# What Cory is this?



## aidan_1549 (Nov 28, 2020)




----------



## aidan_1549 (Nov 28, 2020)

aidan_1549 said:


>


I was at my local pet smart, looking at bettas and remembered I need another Cory for my 10 gallon. I picked up what was labeled as a Julii Cory but I’m not so sure as it doesn’t have the black tipped fin. Any help would be appreciated thanks!


Sent from my iPhone using Tapatalk


----------



## imaal (Aug 10, 2014)

Corydoras sterbai


----------



## BettaloverSara (Oct 15, 2020)

imaal said:


> Corydoras sterbai


Yep I second this


----------



## aidan_1549 (Nov 28, 2020)

BettaloverSara said:


> Yep I second this


Will he be ok with the other julii cories?


Sent from my iPhone using Tapatalk


----------



## aidan_1549 (Nov 28, 2020)

aidan_1549 said:


> Will he be ok with the other julii cories?
> 
> 
> Sent from my iPhone using Tapatalk


He is quite small at the minute and I’m upgrading to a 20 gallon long when dollar per gallon comes around


Sent from my iPhone using Tapatalk


----------



## imaal (Aug 10, 2014)

aidan_1549 said:


> Will he be ok with the other julii cories?
> 
> 
> Sent from my iPhone using Tapatalk


Yes. All Corydoras tend to shoal together, though I'm sure he'd appreciate the company of another from his own species. BTW, Sterbai cories are a good choice for warm water tanks. They tolerate very high temps while many cories prefer cooler waters. Sterbais are the cory of choice for folks who keep Discus, Rams and others that like temps in the 80s.


----------



## aidan_1549 (Nov 28, 2020)

imaal said:


> Yes. All Corydoras tend to shoal together, though I'm sure he'd appreciate the company of another from his own species. BTW, Sterbai cories are a good choice for warm water tanks. They tolerate very high temps while many cories prefer cooler waters. Sterbais are the cory of choice for folks who keep Discus, Rams and others that like temps in the 80s.


thank you


----------



## imaal (Aug 10, 2014)

My pleasure. Good luck with her/him. i would think that a combo of C. julii and C. sterbai would make for a pleasing group, what with the Sterbai color pattern of dark background and light dots being the exact reverse of Julii's light background and dark spots, almost like a negative print.


----------



## Feanor (Nov 13, 2020)

I recently watched a video from a fish keeper whom I really like to follow (unfortunately it‘s in German) and he observed that his 2 different species of Corys (C. habrosus and C. eques) tend to stay in between their groups - however remaining totally peaceful with eachother. 

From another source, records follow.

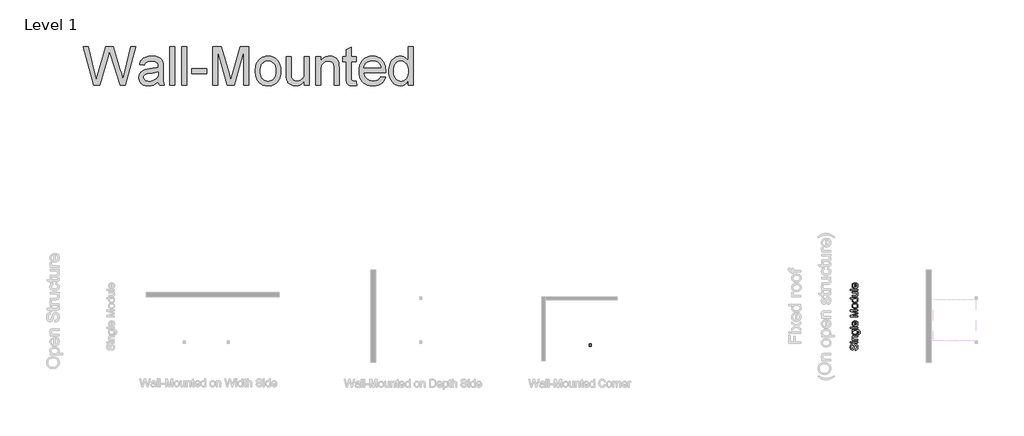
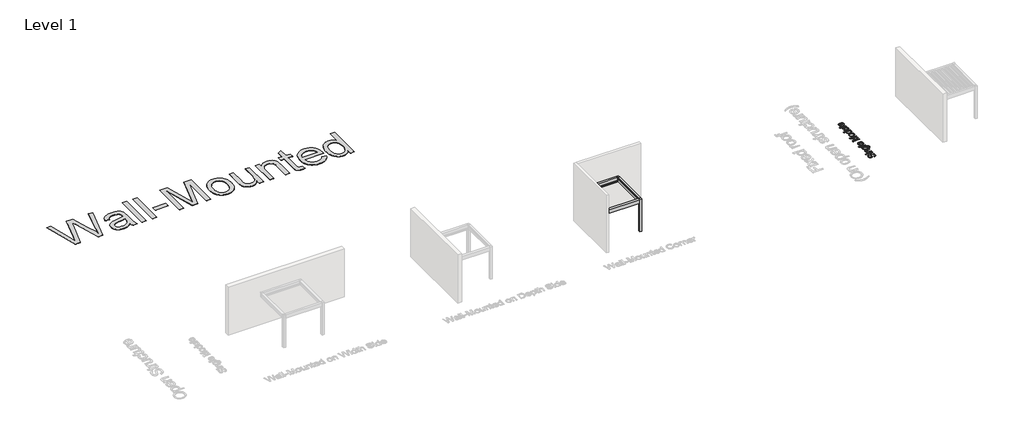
# One storey, part 71 of 80: 3 proxies.
"""IFC4 building model written with IfcOpenShell, lengths in millimetres."""

from ifc_helpers import new_model, si_unit, origin, origin_with_axes, place, context, project, spatial, polyline, outline, extrude, transform, mapped, element, save
from components import generic_models_99ac2013

model = new_model("IFC4")

# Units and contexts
model_context = context("Model", 3, world=origin())
ifc_project = project(units=[si_unit("LENGTHUNIT", "METRE", prefix="MILLI")], contexts=[model_context])

# Site, building, storey
site = spatial("IfcSite", under=ifc_project)
building = spatial("IfcBuilding", under=site)
storey = spatial("IfcBuildingStorey", under=building, Name="Level 1", Elevation=0.0)

# Proxies
placement = place(None, origin())
generic_models_shape = generic_models_99ac2013(model_context)
element("IfcBuildingElementProxy", 1, Name="Renson_Amani_Patio_Cover : Renson_Amani_Patio_Cover", ObjectType="Renson_Amani_Patio_Cover : Renson_Amani_Patio_Cover", at=placement, inside=storey, context=model_context, shape_type="MappedRepresentation", body=[
    mapped(generic_models_shape, transform((201674.0111744, 67328.5861401, 0.0), x_axis=(1.0, 0.0, 0.0), y_axis=(0.0, 1.0, 0.0), z_axis=(0.0, 0.0, 1.0))),
])
element("IfcBuildingElementProxy", 2, Name="2500 mm Arial", ObjectType="2500 mm Arial", at=placement, inside=storey, context=model_context, shape_type="SweptSolid", body=[
    extrude(outline(polyline([(170970.0635711, 82741.8832107), (170285.1899234, 85253.2909644), (170608.9260792, 85253.2909644), (171006.238634, 83602.7270794), (171128.8659657, 83093.2105161), (171260.0772106, 83543.8659602), (171757.9441774, 85253.2909644), (172224.5411746, 85253.2909644), (172586.2918032, 84014.1417773), (172668.8736469, 83784.3688145), (172741.2620937, 83554.2892834), (172803.4571435, 83323.9031839), (172855.4587964, 83093.2105161), (172974.4073081, 83588.0117996), (173375.3986829, 85253.2909644), (173699.1348386, 85253.2909644), (173013.6480543, 82741.8832107), (172678.262302, 82741.8832107), (172076.1621033, 84679.3950519), (171992.162381, 84949.7883184), (171897.7393356, 84624.2127527), (171348.9820261, 82741.8832107), (170970.0635711, 82741.8832107)])), origin_with_axes(), (0.0, 0.0, 1.0), 5.0),
    extrude(outline(polyline([(175151.0424463, 82977.3276876), (175076.6038238, 82907.4684295), (175001.0538912, 82848.7222734), (174924.3926483, 82801.0892193), (174846.6200953, 82764.569267), (174766.8548481, 82737.4762909), (174684.2155228, 82718.1241652), (174598.7021195, 82706.5128897), (174510.314638, 82702.6424645), (174438.2758708, 82704.9704678), (174370.5386404, 82711.9544775), (174307.1029468, 82723.5944938), (174247.9687902, 82739.8905165), (174193.1361704, 82760.8425458), (174142.6050875, 82786.4505815), (174096.3755415, 82816.7146238), (174054.4475323, 82851.6346726), (174017.1563691, 82890.1760597), (173984.837361, 82931.3041171), (173957.490508, 82975.0188449), (173935.1158101, 83021.3202428), (173917.7132673, 83070.2083111), (173905.2828796, 83121.6830497), (173897.824647, 83175.7444585), (173895.3385694, 83232.3925376), (173899.0940314, 83298.9561861), (173910.3604175, 83362.5307934), (173929.1377277, 83423.1163595), (173955.425962, 83480.7128843), (173987.8264023, 83534.0557736), (174024.9403306, 83581.880433), (174066.7677471, 83624.1868624), (174113.3086515, 83660.975062), (174163.7199812, 83692.9348103), (174217.1586731, 83720.7558862), (174273.6247273, 83744.4382896), (174333.1181437, 83763.9820206), (174446.088573, 83788.0476345), (174604.7376834, 83811.1935433), (174777.4122949, 83834.9525888), (174925.7147242, 83860.8576127), (175049.6449714, 83888.9086148), (175149.2030363, 83919.1055952), (175151.0424463, 83989.0031743), (175145.6391795, 84065.1087621), (175138.885096, 84098.6205126), (175129.4293791, 84129.1049008), (175117.2720288, 84156.5619268), (175102.413045, 84180.9915906), (175084.8524279, 84202.393892), (175064.5901774, 84220.7688313), (175033.6842577, 84242.0370091), (174999.2144812, 84260.4694299), (174961.1808478, 84276.0660937), (174919.5833576, 84288.8270004), (174874.4220106, 84298.7521501), (174825.6968068, 84305.8415427), (174717.5548286, 84311.5130568), (174617.0004166, 84307.7384342), (174530.5481477, 84296.4145665), (174458.198022, 84277.5414538), (174427.3112628, 84265.2739305), (174399.9500395, 84251.1190959), (174375.1850666, 84234.559616), (174352.087059, 84215.0781567), (174310.8919398, 84167.3492999), (174276.3646817, 84107.9325256), (174248.5052848, 84036.8278337), (173934.5793156, 84076.0685798), (173958.4724847, 84166.506237), (173989.0718361, 84247.7468443), (174026.3773697, 84319.7904017), (174070.3890854, 84382.6369092), (174123.003875, 84437.5509612), (174186.1186298, 84485.797152), (174259.7333498, 84527.3754816), (174343.8480352, 84562.2859501), (174436.7573995, 84589.9154208), (174536.7561564, 84609.650757), (174643.8443059, 84621.4919587), (174758.0218481, 84625.439026), (174869.6318805, 84621.9518112), (174970.2437741, 84611.490167), (175059.8575288, 84594.0540933), (175138.4731448, 84569.64359), (175206.7420796, 84539.9639437), (175265.315791, 84506.7204405), (175314.194279, 84469.9130804), (175353.3775436, 84429.5418635), (175385.1456868, 84384.6104428), (175411.7788104, 84334.122471), (175433.2769145, 84278.0779483), (175449.639999, 84216.4768747), (175456.3461812, 84169.4186361), (175461.1363114, 84107.9516861), (175464.9684155, 83941.7916516), (175464.9684155, 83551.2236001), (175468.9538038, 83211.0093966), (175473.9355391, 83091.5435508), (175480.9099686, 83005.8385422), (175490.7967972, 82937.7228915), (175504.51573, 82871.0251194), (175522.0667668, 82805.7452258), (175543.4499078, 82741.8832107), (175229.5239386, 82741.8832107), (175201.6262206, 82794.306395), (175179.2467326, 82851.0215359), (175162.3854745, 82912.0286334), (175151.0424463, 82977.3276876)]), holes=[polyline([(175151.0424463, 83605.179626), (175056.1595484, 83578.0100078), (174940.1234357, 83552.9097259), (174802.9341083, 83529.8787801), (174644.5915663, 83508.9171706), (174481.7271413, 83484.8515568), (174421.1607357, 83471.7840817), (174374.5048681, 83458.026828), (174337.0843714, 83442.27688), (174304.2240786, 83423.2313226), (174275.9239897, 83400.8901556), (174252.1841047, 83375.253379), (174233.4067946, 83347.2406979), (174219.9944302, 83317.7718173), (174211.9470115, 83286.8467371), (174209.2645386, 83254.4654573), (174215.1084974, 83205.6827719), (174232.6403737, 83161.115401), (174261.8601676, 83120.7633447), (174302.7678791, 83084.6266028), (174327.5089013, 83068.6754695), (174354.9802977, 83054.8511539), (174418.114213, 83033.582976), (174492.169625, 83020.8220693), (174577.1465338, 83016.5684337), (174663.905371, 83021.2627613), (174745.7591149, 83035.3457439), (174822.7077656, 83058.8173816), (174894.751323, 83091.6776744), (174959.7438088, 83131.2058284), (175015.5392447, 83174.6810496), (175062.1376308, 83222.103338), (175099.538967, 83273.4726937), (175121.2669973, 83319.4579431), (175136.787019, 83375.253379), (175146.099032, 83440.8590015), (175149.2030363, 83516.2748105), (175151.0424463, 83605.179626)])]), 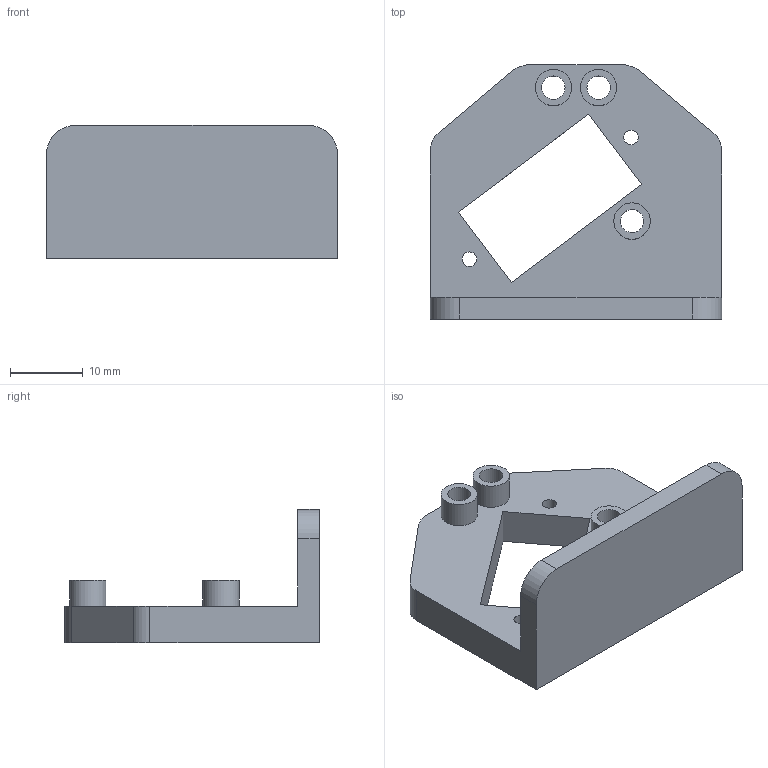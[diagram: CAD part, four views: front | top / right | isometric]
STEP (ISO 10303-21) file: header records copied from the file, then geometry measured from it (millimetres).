
FILE_DESCRIPTION(/* description */ (''),/* implementation_level */ '2;1');
FILE_NAME(/* name */ 'Claw Base V2_v16.tmp.step',/* time_stamp */ '2026-11-01T13:09:33+02:00',/* author */ (''),/* organization */ (''),/* preprocessor_version */ 'ST-DEVELOPER v20.2',/* originating_system */ 'Autodesk Translation Framework v15.15.0.0',/* authorisation */ '');
FILE_SCHEMA (('AUTOMOTIVE_DESIGN { 1 0 10303 214 3 1 1 }'));
Length unit declared in the file: millimetre
Products named in the file (1): Claw Base V2
Bounding box: 40 x 35 x 18.3 mm (x, y, z)
Volume: 6551.8 mm3; surface area: 4575.3 mm2
Topology: 1 solids, 1 shells, 31 faces, 78 edges, 52 vertices
Faces by surface type: plane 17, cylinder 14
Full cylindrical faces by diameter (mm): 2 x2, 3.2 x3, 5 x3
Entity records: 997 total; most frequent: DIRECTION 170, CARTESIAN_POINT 162, ORIENTED_EDGE 156, EDGE_CURVE 78, AXIS2_PLACEMENT_3D 60, VERTEX_POINT 52, LINE 50, VECTOR 50
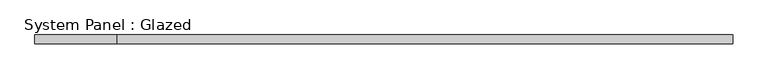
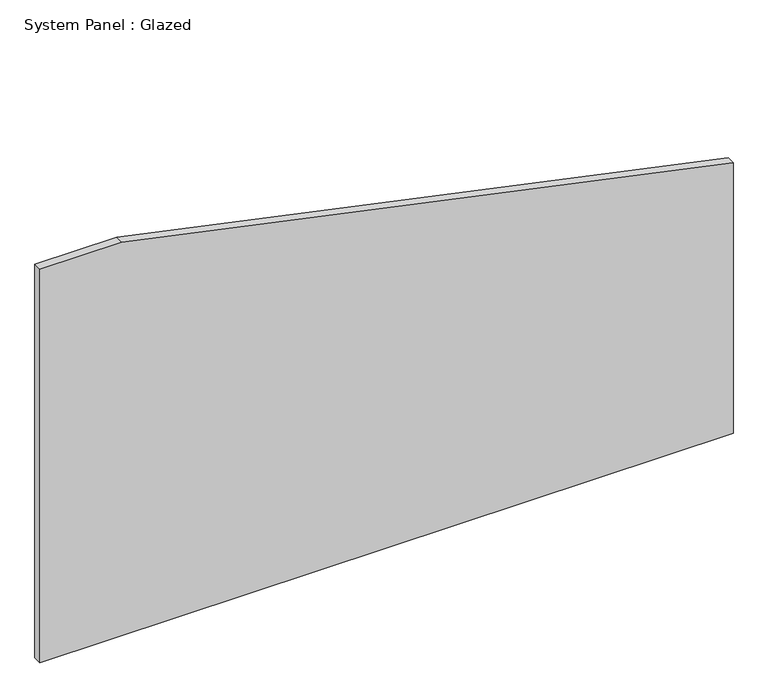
"""IFC4 building model written with IfcOpenShell, lengths in millimetres: plate geometry, System Panel : Glazed."""

from ifc_helpers import new_model, si_unit, frame, origin, place, context, project, spatial, polyline, outline, extrude, source, transform, mapped, element, save


def system_panel_glazed_9fd06ce3(model_context):
    return source(origin(), model_context, "Body", "SweptSolid", [
        extrude(outline(polyline([(0.0, -1000.0), (0.0, 1000.0), (825.1131233, 1000.0), (1200.0, -763.7040876), (1200.0, -1000.0), (0.0, -1000.0)])), frame((0.0, -49.5, 0.0), z_axis=(0.0, 1.0, 0.0), x_axis=(0.0, 0.0, 1.0)), (0.0, 0.0, 1.0), 25.0),
    ])


if __name__ == "__main__":
    model = new_model("IFC4")
    model_context = context("Model", 3, world=origin())
    ifc_project = project(units=[si_unit("LENGTHUNIT", "METRE", prefix="MILLI")], contexts=[model_context])
    site = spatial("IfcSite", under=ifc_project)
    building = spatial("IfcBuilding", under=site)
    placement = place(None, origin())
    system_panel_glazed_shape = system_panel_glazed_9fd06ce3(model_context)
    element("IfcPlate", 1, ObjectType="System Panel : Glazed", at=placement, inside=building, context=model_context, shape_type="MappedRepresentation", body=[
        mapped(system_panel_glazed_shape, transform((0.0, 0.0, 0.0), x_axis=(1.0, 0.0, 0.0), y_axis=(0.0, 1.0, 0.0), z_axis=(0.0, 0.0, 1.0))),
    ])
    save(model, "model.ifc")
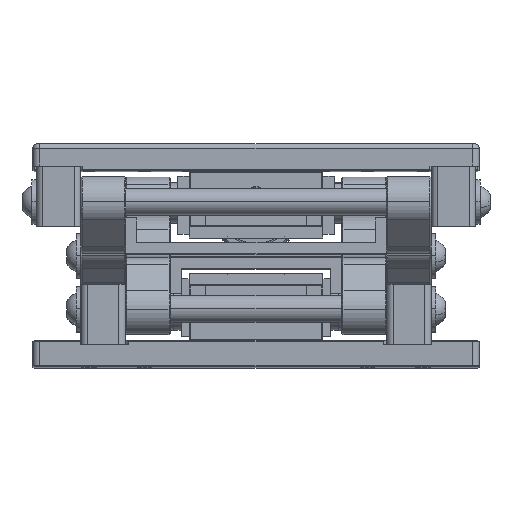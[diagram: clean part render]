
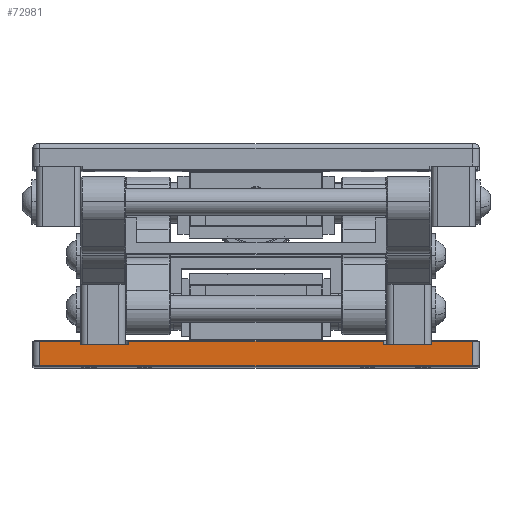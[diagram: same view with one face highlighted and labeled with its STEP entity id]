
A CAD part, top view. The second image highlights one B-rep face of the part: STEP entity #72981.
In plain terms, the highlighted planar face has unit normal (0, 0, 1).
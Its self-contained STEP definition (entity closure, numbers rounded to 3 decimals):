
#2871 = CARTESIAN_POINT ( 'NONE',  ( -182.055, 112.22, 300.002 ) ) ;
#3157 = DIRECTION ( 'NONE',  ( 1., 0., 0. ) ) ;
#3566 = CARTESIAN_POINT ( 'NONE',  ( -28.055, 102.72, 300.002 ) ) ;
#4089 = VECTOR ( 'NONE', #38793, 1000. ) ;
#5499 = EDGE_CURVE ( 'NONE', #56640, #14029, #11678, .T. ) ;
#5976 = ORIENTED_EDGE ( 'NONE', *, *, #44285, .T. ) ;
#8247 = VERTEX_POINT ( 'NONE', #31843 ) ;
#10656 = DIRECTION ( 'NONE',  ( 0., -1., 0. ) ) ;
#11678 = LINE ( 'NONE', #55434, #15284 ) ;
#11704 = EDGE_CURVE ( 'NONE', #14029, #60437, #68592, .T. ) ;
#12166 = VERTEX_POINT ( 'NONE', #29771 ) ;
#12197 = DIRECTION ( 'NONE',  ( 0., 1., 0. ) ) ;
#12407 = ORIENTED_EDGE ( 'NONE', *, *, #5499, .T. ) ;
#13888 = VECTOR ( 'NONE', #12197, 1000. ) ;
#14029 = VERTEX_POINT ( 'NONE', #29074 ) ;
#15212 = CARTESIAN_POINT ( 'NONE',  ( -222.055, 102.72, 300.002 ) ) ;
#15284 = VECTOR ( 'NONE', #43929, 1000. ) ;
#15461 = DIRECTION ( 'NONE',  ( -1., 0., 0. ) ) ;
#16425 = ORIENTED_EDGE ( 'NONE', *, *, #11704, .T. ) ;
#17749 = CARTESIAN_POINT ( 'NONE',  ( -203.555, 112.22, 300.002 ) ) ;
#18099 = CARTESIAN_POINT ( 'NONE',  ( -182.055, 113.72, 300.002 ) ) ;
#18288 = ORIENTED_EDGE ( 'NONE', *, *, #31270, .T. ) ;
#19537 = CARTESIAN_POINT ( 'NONE',  ( -68.055, 112.22, 300.002 ) ) ;
#20961 = LINE ( 'NONE', #23587, #25410 ) ;
#22382 = DIRECTION ( 'NONE',  ( -1., 0., 0. ) ) ;
#22844 = EDGE_LOOP ( 'NONE', ( #63532, #38840, #53125, #63336, #18288, #12407, #16425, #5976, #72736, #36347, #26390, #44767 ) ) ;
#22892 = EDGE_CURVE ( 'NONE', #8247, #64440, #24778, .T. ) ;
#23203 = CARTESIAN_POINT ( 'NONE',  ( -225.055, 113.72, 300.002 ) ) ;
#23587 = CARTESIAN_POINT ( 'NONE',  ( -28.055, 102.72, 300.002 ) ) ;
#23752 = LINE ( 'NONE', #58368, #49861 ) ;
#24778 = LINE ( 'NONE', #73792, #4089 ) ;
#25410 = VECTOR ( 'NONE', #52016, 1000. ) ;
#25510 = LINE ( 'NONE', #17749, #13888 ) ;
#25767 = LINE ( 'NONE', #19537, #69772 ) ;
#26390 = ORIENTED_EDGE ( 'NONE', *, *, #55072, .F. ) ;
#26981 = CARTESIAN_POINT ( 'NONE',  ( -222.055, 114.22, 300.002 ) ) ;
#27808 = EDGE_CURVE ( 'NONE', #36416, #35147, #23752, .T. ) ;
#27955 = DIRECTION ( 'NONE',  ( 0., 1., 0. ) ) ;
#29074 = CARTESIAN_POINT ( 'NONE',  ( -222.055, 113.72, 300.002 ) ) ;
#29771 = CARTESIAN_POINT ( 'NONE',  ( -68.055, 112.22, 300.002 ) ) ;
#29912 = VECTOR ( 'NONE', #63208, 1000. ) ;
#31270 = EDGE_CURVE ( 'NONE', #8247, #56640, #25510, .T. ) ;
#31843 = CARTESIAN_POINT ( 'NONE',  ( -203.555, 112.22, 300.002 ) ) ;
#32190 = EDGE_CURVE ( 'NONE', #12166, #46085, #42610, .T. ) ;
#33184 = LINE ( 'NONE', #73584, #52122 ) ;
#33475 = VERTEX_POINT ( 'NONE', #36954 ) ;
#33593 = CARTESIAN_POINT ( 'NONE',  ( -46.555, 112.22, 300.002 ) ) ;
#35147 = VERTEX_POINT ( 'NONE', #48035 ) ;
#35415 = AXIS2_PLACEMENT_3D ( 'NONE', #39748, #73023, #22382 ) ;
#36347 = ORIENTED_EDGE ( 'NONE', *, *, #45120, .T. ) ;
#36416 = VERTEX_POINT ( 'NONE', #3566 ) ;
#36954 = CARTESIAN_POINT ( 'NONE',  ( -46.555, 113.72, 300.002 ) ) ;
#38612 = CARTESIAN_POINT ( 'NONE',  ( -68.055, 113.72, 300.002 ) ) ;
#38739 = VERTEX_POINT ( 'NONE', #18099 ) ;
#38793 = DIRECTION ( 'NONE',  ( 1., 0., 0. ) ) ;
#38840 = ORIENTED_EDGE ( 'NONE', *, *, #46269, .T. ) ;
#39748 = CARTESIAN_POINT ( 'NONE',  ( -225.055, 114.22, 300.002 ) ) ;
#42075 = EDGE_CURVE ( 'NONE', #12166, #55331, #25767, .T. ) ;
#42610 = LINE ( 'NONE', #45968, #29912 ) ;
#43929 = DIRECTION ( 'NONE',  ( -1., 0., 0. ) ) ;
#44285 = EDGE_CURVE ( 'NONE', #60437, #36416, #20961, .T. ) ;
#44767 = ORIENTED_EDGE ( 'NONE', *, *, #42075, .F. ) ;
#44791 = PLANE ( 'NONE',  #35415 ) ;
#45120 = EDGE_CURVE ( 'NONE', #35147, #33475, #66634, .T. ) ;
#45779 = LINE ( 'NONE', #23203, #48482 ) ;
#45968 = CARTESIAN_POINT ( 'NONE',  ( -68.055, 112.22, 300.002 ) ) ;
#46085 = VERTEX_POINT ( 'NONE', #38612 ) ;
#46269 = EDGE_CURVE ( 'NONE', #46085, #38739, #45779, .T. ) ;
#47577 = EDGE_CURVE ( 'NONE', #64440, #38739, #74261, .T. ) ;
#48035 = CARTESIAN_POINT ( 'NONE',  ( -28.055, 113.72, 300.002 ) ) ;
#48482 = VECTOR ( 'NONE', #51875, 1000. ) ;
#49861 = VECTOR ( 'NONE', #64355, 1000. ) ;
#51429 = VECTOR ( 'NONE', #15461, 1000. ) ;
#51875 = DIRECTION ( 'NONE',  ( -1., 0., 0. ) ) ;
#52016 = DIRECTION ( 'NONE',  ( 1., 0., 0. ) ) ;
#52122 = VECTOR ( 'NONE', #27955, 1000. ) ;
#52480 = VECTOR ( 'NONE', #10656, 1000. ) ;
#53125 = ORIENTED_EDGE ( 'NONE', *, *, #47577, .F. ) ;
#54924 = CARTESIAN_POINT ( 'NONE',  ( -203.555, 113.72, 300.002 ) ) ;
#55072 = EDGE_CURVE ( 'NONE', #55331, #33475, #33184, .T. ) ;
#55331 = VERTEX_POINT ( 'NONE', #33593 ) ;
#55434 = CARTESIAN_POINT ( 'NONE',  ( -225.055, 113.72, 300.002 ) ) ;
#56640 = VERTEX_POINT ( 'NONE', #54924 ) ;
#58368 = CARTESIAN_POINT ( 'NONE',  ( -28.055, 114.22, 300.002 ) ) ;
#60437 = VERTEX_POINT ( 'NONE', #15212 ) ;
#63208 = DIRECTION ( 'NONE',  ( 0., 1., 0. ) ) ;
#63336 = ORIENTED_EDGE ( 'NONE', *, *, #22892, .F. ) ;
#63532 = ORIENTED_EDGE ( 'NONE', *, *, #32190, .T. ) ;
#64355 = DIRECTION ( 'NONE',  ( 0., 1., 0. ) ) ;
#64440 = VERTEX_POINT ( 'NONE', #69443 ) ;
#65388 = VECTOR ( 'NONE', #70925, 1000. ) ;
#66634 = LINE ( 'NONE', #68129, #51429 ) ;
#68129 = CARTESIAN_POINT ( 'NONE',  ( -225.055, 113.72, 300.002 ) ) ;
#68592 = LINE ( 'NONE', #26981, #52480 ) ;
#69443 = CARTESIAN_POINT ( 'NONE',  ( -182.055, 112.22, 300.002 ) ) ;
#69772 = VECTOR ( 'NONE', #3157, 1000. ) ;
#70925 = DIRECTION ( 'NONE',  ( 0., 1., 0. ) ) ;
#72683 = FACE_OUTER_BOUND ( 'NONE', #22844, .T. ) ;
#72736 = ORIENTED_EDGE ( 'NONE', *, *, #27808, .T. ) ;
#72981 = ADVANCED_FACE ( 'NONE', ( #72683 ), #44791, .F. ) ;
#73023 = DIRECTION ( 'NONE',  ( 0., 0., -1. ) ) ;
#73584 = CARTESIAN_POINT ( 'NONE',  ( -46.555, 112.22, 300.002 ) ) ;
#73792 = CARTESIAN_POINT ( 'NONE',  ( -182.055, 112.22, 300.002 ) ) ;
#74261 = LINE ( 'NONE', #2871, #65388 ) ;

This leads to the conclusion that it might be better to either keep just one species or (given the right tank size) more individuals per species.

Just a consideration from what I saw in the video (starting at 10:30) and without any personal experience (I only keep 1 species in a tank).


----------



## imaal (Aug 10, 2014)

I only keep one species of Cory per tank as well, and I'm sure that if the OP had more than one Sterbai, the two species might segregate. But failing that, I wager that the Sterbai will hang out with the Juliis.


----------



## Feanor (Nov 13, 2020)

He/She doesn‘t have much choice.


----------



## aidan_1549 (Nov 28, 2020)

Feanor said:


> He/She doesn‘t have much choice.


I've watched the city very much over the past 2 days and haven't noticed any stress in the fish, it’s eating and hanging out with the other cories. If I notice anything going down hill I will let you know. I am upgrading soon so I will get more sterbai then.


Sent from my iPhone using Tapatalk


----------



## Feanor (Nov 13, 2020)

Oh - I just reacted to imaal‘s assumption and it was meant in a funny way (as there‘s only 1 other species of Corys to hang out).
I‘m sorry - I didn‘t mean it harsh in any way and won‘t forget to put an emoji next time.


----------